▶ [Task directions]
The records that follow are to be repeated exactly, with no pictures carried over.

(Beginning of Records for this task)

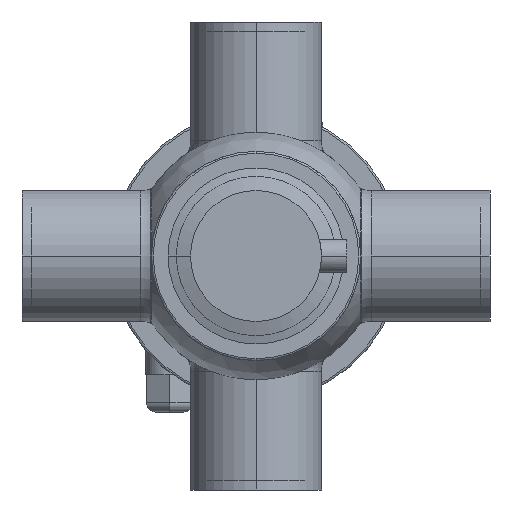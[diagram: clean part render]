
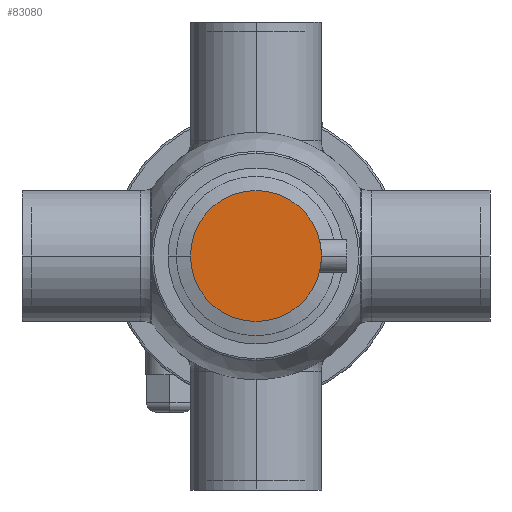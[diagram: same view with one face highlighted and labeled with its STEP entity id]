
A CAD part, front view. The second image highlights one B-rep face of the part: STEP entity #83080.
In plain terms, the highlighted planar face has unit normal (0, -1, 0).
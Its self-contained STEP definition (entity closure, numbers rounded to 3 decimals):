
#77590=CARTESIAN_POINT('',(35.,-92.85,0.))
;
#77600=VERTEX_POINT('',#77590);
#82840=CARTESIAN_POINT('',(-35.,-92.85,0.));
#82850=VERTEX_POINT('',#82840);
#82880=CARTESIAN_POINT('',(0.,-92.85,0.));
#82890=DIRECTION('',(0.,-1.,0.));
#82900=DIRECTION('',(-1.,0.,0.));
#82910=AXIS2_PLACEMENT_3D('',#82880,#82890,#82900);
#82920=CIRCLE('',#82910,35.);
#82930=EDGE_CURVE('',#82850,#77600,#82920,.T.);
#82980=CARTESIAN_POINT('',(0.,-92.85,0.));
#82990=DIRECTION('',(0.,-1.,0.));
#83000=DIRECTION('',(-1.,0.,0.));
#83010=AXIS2_PLACEMENT_3D('',#82980,#82990,#83000);
#83020=PLANE('',#83010);
#83030=EDGE_CURVE('',#77600,#82850,#82920,.T.);
#83040=ORIENTED_EDGE('',*,*,#83030,.T.);
#83050=ORIENTED_EDGE('',*,*,#82930,.T.);
#83060=EDGE_LOOP('',(#83050,#83040));
#83070=FACE_OUTER_BOUND('',#83060,.T.);
#83080=ADVANCED_FACE('',(#83070),#83020,.T.);

(End of Records for this task)

▶ [Reply]
[diagram: clean part render]
[diagram: same view with one face highlighted and labeled with its STEP entity id]
A CAD part, front view. The second image highlights one B-rep face of the part: STEP entity #83080.
In plain terms, the highlighted planar face has unit normal (0, -1, 0).
Its self-contained STEP definition (entity closure, numbers rounded to 3 decimals):
#77590=CARTESIAN_POINT('',(35.,-92.85,0.))
;
#77600=VERTEX_POINT('',#77590);
#82840=CARTESIAN_POINT('',(-35.,-92.85,0.));
#82850=VERTEX_POINT('',#82840);
#82880=CARTESIAN_POINT('',(0.,-92.85,0.));
#82890=DIRECTION('',(0.,-1.,0.));
#82900=DIRECTION('',(-1.,0.,0.));
#82910=AXIS2_PLACEMENT_3D('',#82880,#82890,#82900);
#82920=CIRCLE('',#82910,35.);
#82930=EDGE_CURVE('',#82850,#77600,#82920,.T.);
#82980=CARTESIAN_POINT('',(0.,-92.85,0.));
#82990=DIRECTION('',(0.,-1.,0.));
#83000=DIRECTION('',(-1.,0.,0.));
#83010=AXIS2_PLACEMENT_3D('',#82980,#82990,#83000);
#83020=PLANE('',#83010);
#83030=EDGE_CURVE('',#77600,#82850,#82920,.T.);
#83040=ORIENTED_EDGE('',*,*,#83030,.T.);
#83050=ORIENTED_EDGE('',*,*,#82930,.T.);
#83060=EDGE_LOOP('',(#83050,#83040));
#83070=FACE_OUTER_BOUND('',#83060,.T.);
#83080=ADVANCED_FACE('',(#83070),#83020,.T.);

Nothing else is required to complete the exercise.